I have a question about a theorem and example in Hartshorne's "Deformation Theory" p. 65. The theorem reads:
Theorem 8.9 Let $Y_0$ be an ACM closed subscheme of codimension 2 of $X_0=\mathbb{P}^n_k$, and assume $\dim Y_0\ge1$. Using notation (6.1) [note: this means we have an exact sequence $$0\to J\to C'\to C\to0$$ where $C$ and $C'$ are local Artin rings with residue field $k$ and $J$ is an ideal with $\mathfrak{m}_{C'}J=0$], suppose we are given a closed subscheme $Y$ of $X=\mathbb{P}^n_C$, flat over $C$ and with $Y\times_Ck=Y_0$. Then:
(a) There is an $r\times(r+1)$ matrix $\varphi$ of homogeneous elements of $R=C[x_0,\ldots,x_n]$ whose $r\times r$ minors $f_i$ generate the ideal $I$ of $Y$, and give a resolution $$0\to\bigoplus R(-b_i)\xrightarrow{\varphi}\bigoplus R(-a_i)\xrightarrow{f}R\to R/I\to0.$$
(b) For any lifting $\varphi'$ of $\varphi$ to $R'=C'[x_0,\ldots,x_n]$, taking $f'$ to be the $r\times r$ minors gives an exact sequence $$0\to\bigoplus R'(-b_i)\xrightarrow{\varphi'}\bigoplus R'(-a_i)\xrightarrow{f'}R'\to R'/I'\to0$$ and defines a closed subscheme $Y'$ of $X'=\mathbb{P}^n_{C'}$, flat over $C'$, with $Y'\times_{C'}C=Y$.
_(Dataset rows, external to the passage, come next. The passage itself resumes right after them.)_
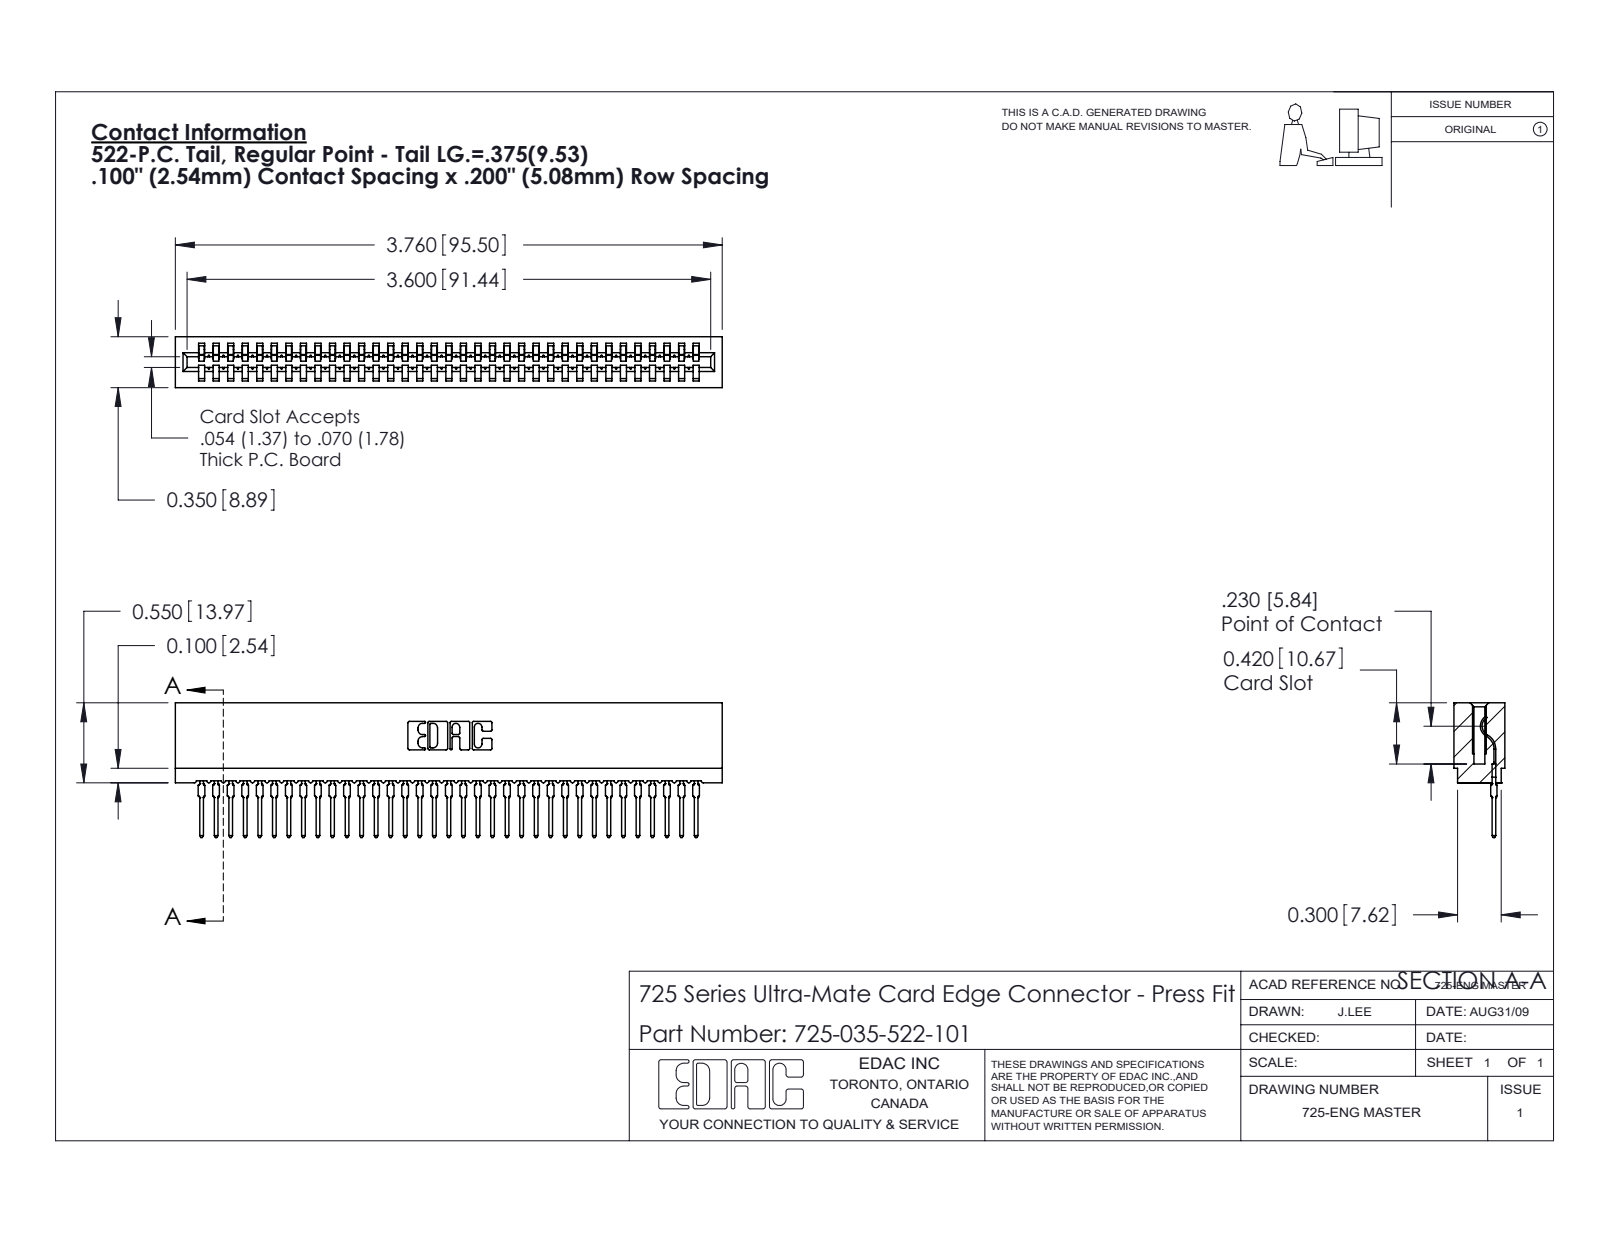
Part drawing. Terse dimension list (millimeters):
name: 725 Part_Insulator Option - 01; 725-035-522-101; 745-292-001_522
written by: SolidWorks 2020 (CONFIG_CONTROL_DESIGN)
unit: mm
bodies: 36 solids, 4015 faces (2400 planar, 705 cylindrical, 910 other)
size: 95.5 × 23.5 × 8.9
volume: 7 310 mm³; area: 14 020 mm²
rounds: 70× R0.4, 70× R0.5, 22× R0.3, 6× R0.2, 6× R0.8, 4× R0.1, 4× R0.3, 3× R0.7
face distances: 8.9, 5.4, 3.5, 2.5, 5.1, 1.1, 7.7, 2.4, 4.2, 1.6
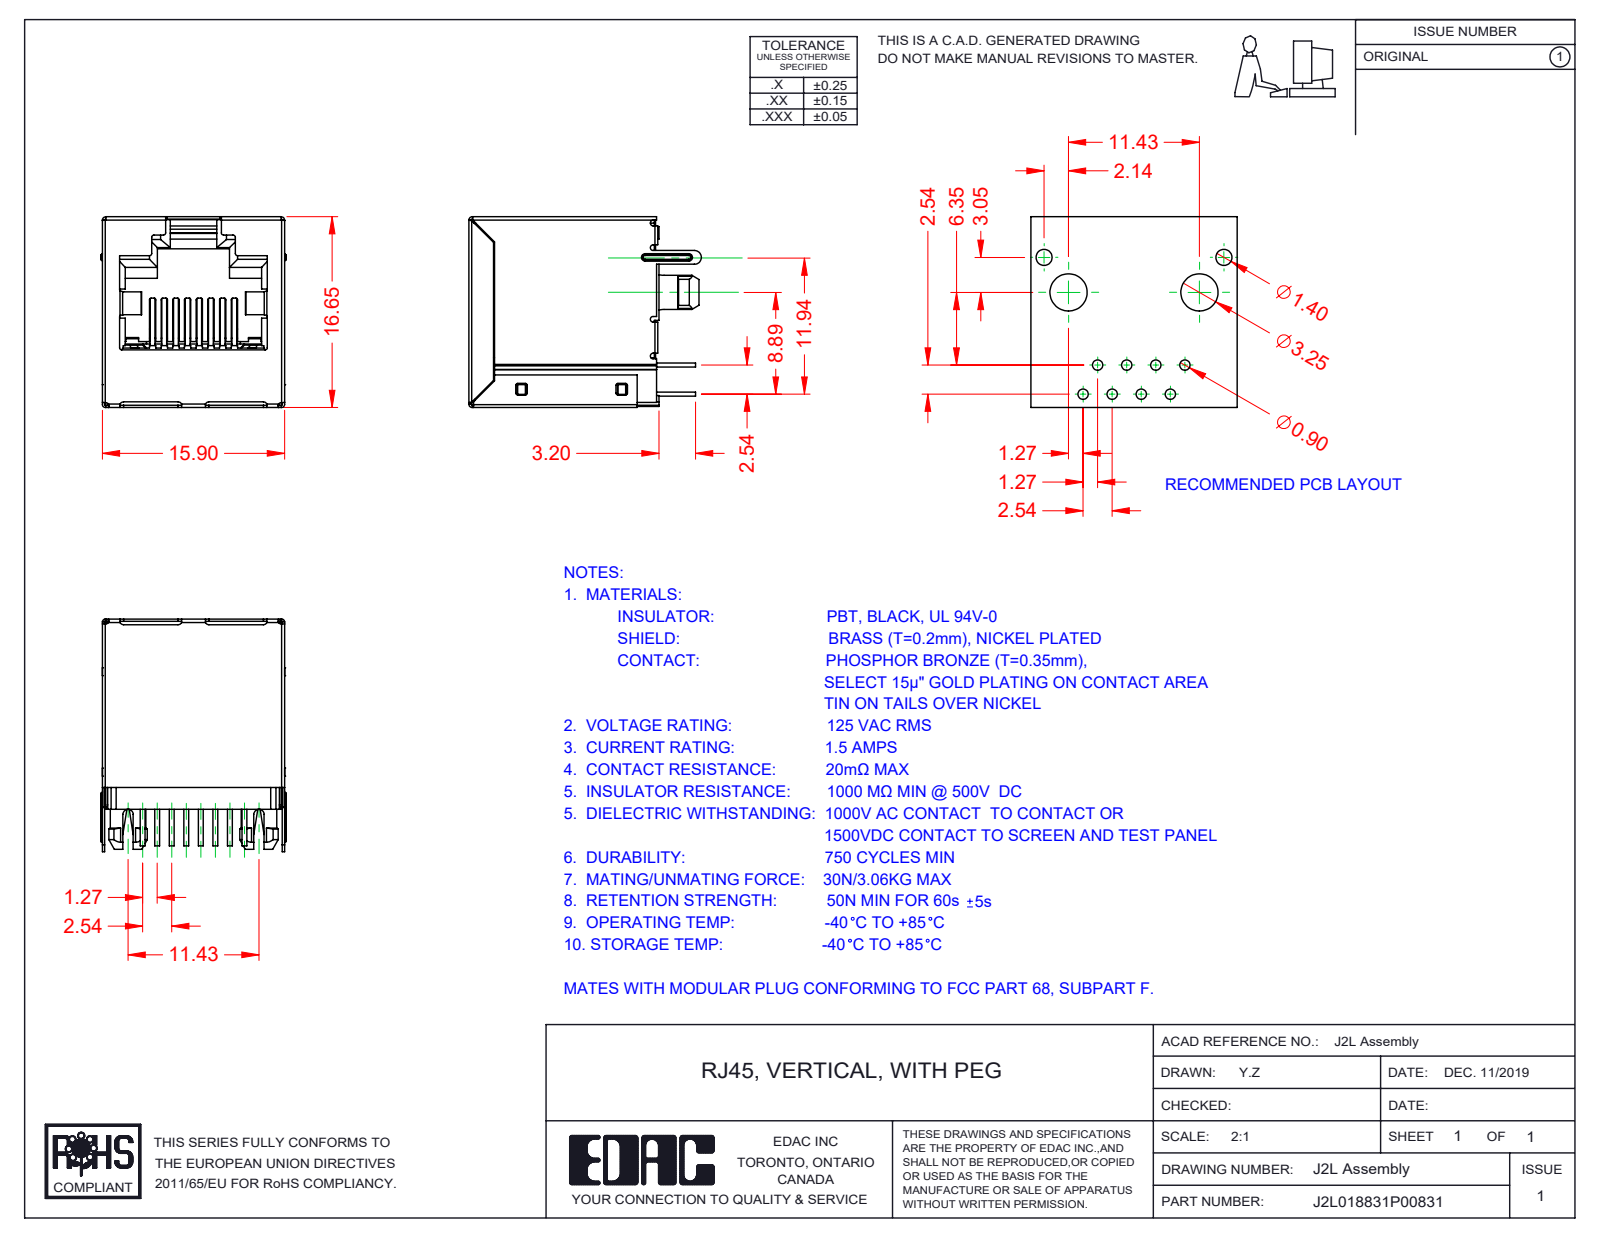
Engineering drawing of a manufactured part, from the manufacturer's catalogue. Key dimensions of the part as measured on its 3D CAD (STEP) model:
Part name (STEP PRODUCT): 2L Insulator; 2L Mylar Tape; 2L Shield; 2L Contact Lock (+2 more)
STEP written by: SolidWorks 2016 (CONFIG_CONTROL_DESIGN)
Units: millimetres
Bodies: 12 solids, 1131 faces (784 planar, 284 cylindrical, 63 other)
Overall size (bounding box): 20.3 × 16.65 × 16.2
Volume: 2 735 mm³ · Surface area: 6 843 mm²
Round bosses / shafts (diameter × count): ⌀3.1 ×2, ⌀1.1 ×2
Partial cylindrical surfaces — rounded edges, fillets, slot ends (radius × count): R0.15 ×64, R0.25 ×20, R0.2 ×16, R0.3 ×14, R0.35 ×9, R0.1 ×8, R0.28 ×4, R0.5 ×3
Main face-to-face distances: 15.45, 15.7, 16.45, 16.2, 16.4, 15.65, 16.3, 16.25, 15.9, 15.5

(c) Any lifting $Y'$ of $Y$ to $X'$, flat over $C'$ with $Y'\times_{C'}C=Y$, arises by lifting $\varphi$ as in (b).
This theorem is followed by:
Example 8.9.1 The conclusions of (8.9) are false in the case of a scheme $Y_0$ of dimension 0 in $\mathbb{P}^n$. For example, let $Y_0$ be a set of three collinear points in $\mathbb{P}^2$. Then there is a linear form in the ideal of $Y_0$. But as you deform the points in the direction of a set of three noncollinear points of $\mathbb{P}^2$, the linear form does not lift. So the deformations of $Y_0$ cannot all be obtained by lifting the elements of the corresponding matrix $\varphi$.
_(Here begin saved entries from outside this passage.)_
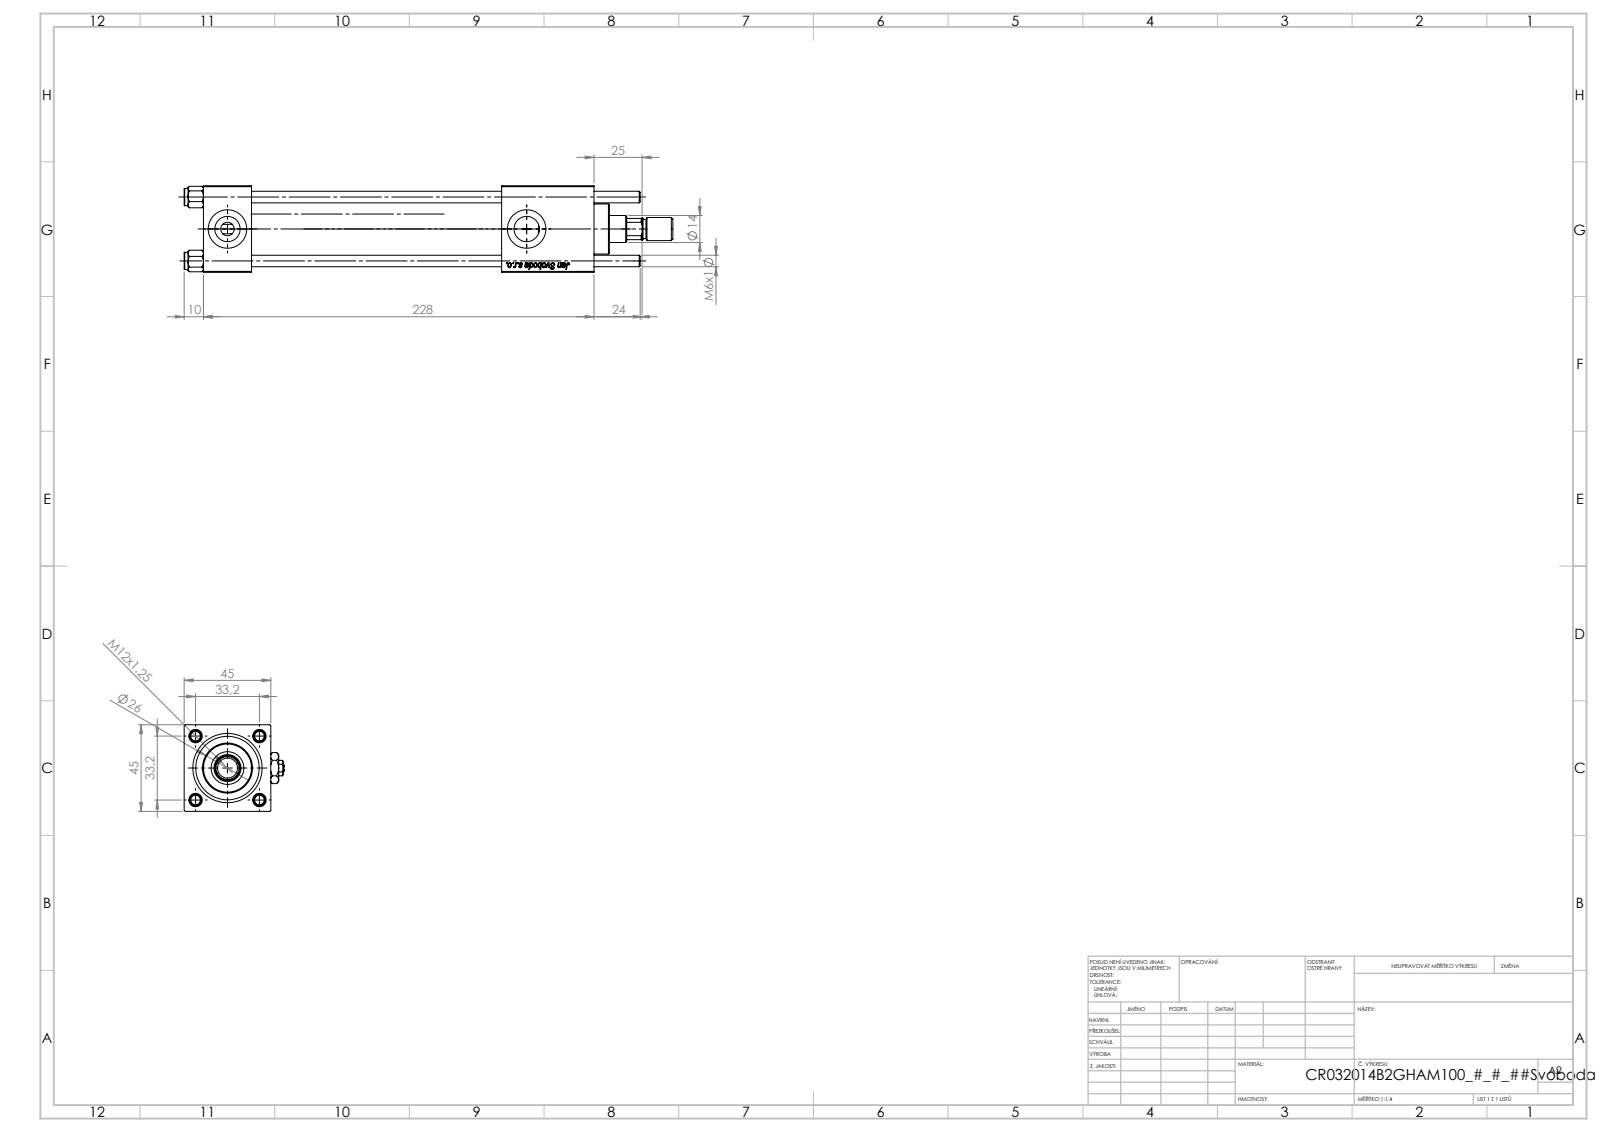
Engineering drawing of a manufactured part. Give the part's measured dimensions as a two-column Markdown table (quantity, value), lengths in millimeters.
| quantity | value |
| --- | --- |
| part name | NUT_M5_B; V215CR_B_TYCINKA; V215CR_B-1; V215_VC_A (+3 more) |
| STEP written by | SolidWorks 2019 (CONFIG_CONTROL_DESIGN) |
| units | millimeters |
| bodies | 13 solids, 1222 faces (458 planar, 88 cylindrical, 676 other) |
| overall size | 254 × 52 × 45 |
| volume | 247 001 mm³ |
| surface area | 101 643 mm² |
| round holes (diameter × count) | 6 × 4, 7 × 2, 13.16 × 2, 20 × 2, 6.5 × 1, 14 × 1, 17 × 1, 24 × 1, 32 × 1, 33 × 1 |
| round bosses / shafts (diameter × count) | 9 × 4, 38 × 1, 26 × 1, 12 × 1, 10 × 1 |
| partial cylindrical surfaces (radius × count) | 6.5 × 1 |
| main face-to-face distances | 45, 25, 203, 178, 155, 130, 48, 174.3, 149.3, 19.3 |
| hole center spacings | 23.48, 33.2, 46.95, 155.5 |

I think I understand why this is a counterexample in dimension 0. Now suppose we replace this $Y_0$ with the cone over $Y_0$ in $\mathbb{P}^3$. Now it has dimension 1, and is still ACM of codimension 2, so (8.9) applies. Yet it seems like the argument in (8.9.1) still works. Instead of three collinear points, we have three coplanar coincident lines, so there is a linear form in the ideal of the lines. Yet if we deform in the direction of three noncoplanar lines, still coincident at the cone point (just take the cone over the deformation from (8.9.1)), the linear form does not lift. But this would be a counterexample to the theorem. What is wrong with this argument?
I figured out the mistake. The point is that the you can no longer deform the three coplanar lines in the direction of three noncoplanar lines because this is not a flat family. In fact, part of Exercise III.9.5 in Hartshorne's "Algebraic Geometry" is to show that the cone over a flat family is not necessarily flat.
In this case, we can find a flat family $X$ of subschemes of $\mathbb{P}^2_k$ over the base $\mathbb{A}^1_k$ such that the fiber over $0$ consists of three collinear points and every other fiber consists of three noncollinear points. If we let $X'$ be the restriction of $X$ to $\mathbb{A}^1\setminus\{0\}$, then the cone $C(X')$ will still be flat, because all the fibers have the same Hilbert polynomial. But the flat limit of $C(X')$ at $0$ has an embedded point at the cone point, which is not the same as the cone $C(X_0)$. Thus $C(X)$ is not a flat family.
For a concrete example, consider the family of ideals $I_t=(z(x-y),z(tx-z),y(tx-z))$. For $t\neq0$, this is the saturated ideal of the (noncollinear) points $(1:0:0)$, $(0:1:0)$, and $(1:1:t)$. The limit of this family is $I_0=(z(x,y,z),xy(x-y))$, whose vanishing locus consists of the three collinear points $(1:0:0)$, $(0:1:0)$, and $(1:1:t)$. But $I_0$ is not saturated (we can see this even without calculating $I_0$, as the saturated ideal of three collinear points should contain a linear form, while the ideals $I_t$ are generated by quadrics). This is not a problem in $\mathbb{P}^2_k$ where the ideal $(x,y,z)$ is irrelevant, but when we pass to the cone, the associated prime $(x,y,z)$ becomes an embedded point.